▶ [Requirement]: Drop the images; return everything else in the listing below exactly.

Start of Block

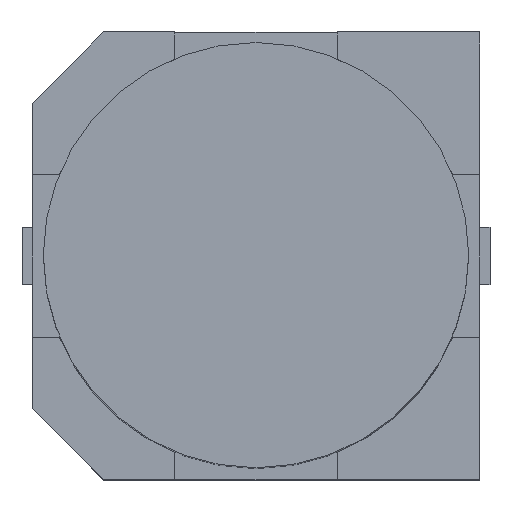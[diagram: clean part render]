
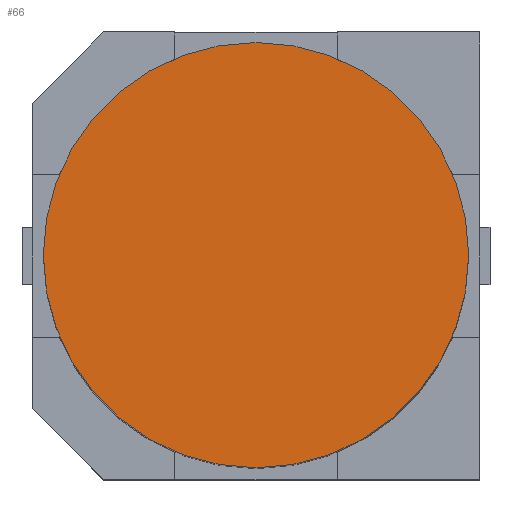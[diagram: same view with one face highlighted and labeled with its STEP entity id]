
A CAD part, top view. The second image highlights one B-rep face of the part: STEP entity #66.
In plain terms, the highlighted planar face has unit normal (0, 0, 1).
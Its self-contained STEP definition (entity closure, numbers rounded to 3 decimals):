
#66=ADVANCED_FACE($,(#72),#68,.T.);
#68=PLANE($,#93);
#72=FACE_OUTER_BOUND($,#76,.T.);
#76=EDGE_LOOP($,(#86));
#77=CIRCLE($,#90,4.039);
#79=VERTEX_POINT('',#108);
#81=EDGE_CURVE($,#79,#79,#77,.T.);
#86=ORIENTED_EDGE($,*,*,#81,.T.);
#90=AXIS2_PLACEMENT_3D($,#109,#98,#99);
#93=AXIS2_PLACEMENT_3D($,#113,#104,#105);
#98=DIRECTION('',(0.,0.,1.));
#99=DIRECTION('',(1.,0.,0.));
#104=DIRECTION('',(0.,0.,1.));
#105=DIRECTION('',(0.,1.,0.));
#108=CARTESIAN_POINT('',(-4.039,0.0,10.544));
#109=CARTESIAN_POINT('',(0.0,0.0,10.544));
#113=CARTESIAN_POINT('',(0.0,0.0,10.544));

End of Block

▶ [Exercise output]:
[diagram: clean part render]
[diagram: same view with one face highlighted and labeled with its STEP entity id]
A CAD part, top view. The second image highlights one B-rep face of the part: STEP entity #66.
In plain terms, the highlighted planar face has unit normal (0, 0, 1).
Its self-contained STEP definition (entity closure, numbers rounded to 3 decimals):
#66=ADVANCED_FACE($,(#72),#68,.T.);
#68=PLANE($,#93);
#72=FACE_OUTER_BOUND($,#76,.T.);
#76=EDGE_LOOP($,(#86));
#77=CIRCLE($,#90,4.039);
#79=VERTEX_POINT('',#108);
#81=EDGE_CURVE($,#79,#79,#77,.T.);
#86=ORIENTED_EDGE($,*,*,#81,.T.);
#90=AXIS2_PLACEMENT_3D($,#109,#98,#99);
#93=AXIS2_PLACEMENT_3D($,#113,#104,#105);
#98=DIRECTION('',(0.,0.,1.));
#99=DIRECTION('',(1.,0.,0.));
#104=DIRECTION('',(0.,0.,1.));
#105=DIRECTION('',(0.,1.,0.));
#108=CARTESIAN_POINT('',(-4.039,0.0,10.544));
#109=CARTESIAN_POINT('',(0.0,0.0,10.544));
#113=CARTESIAN_POINT('',(0.0,0.0,10.544));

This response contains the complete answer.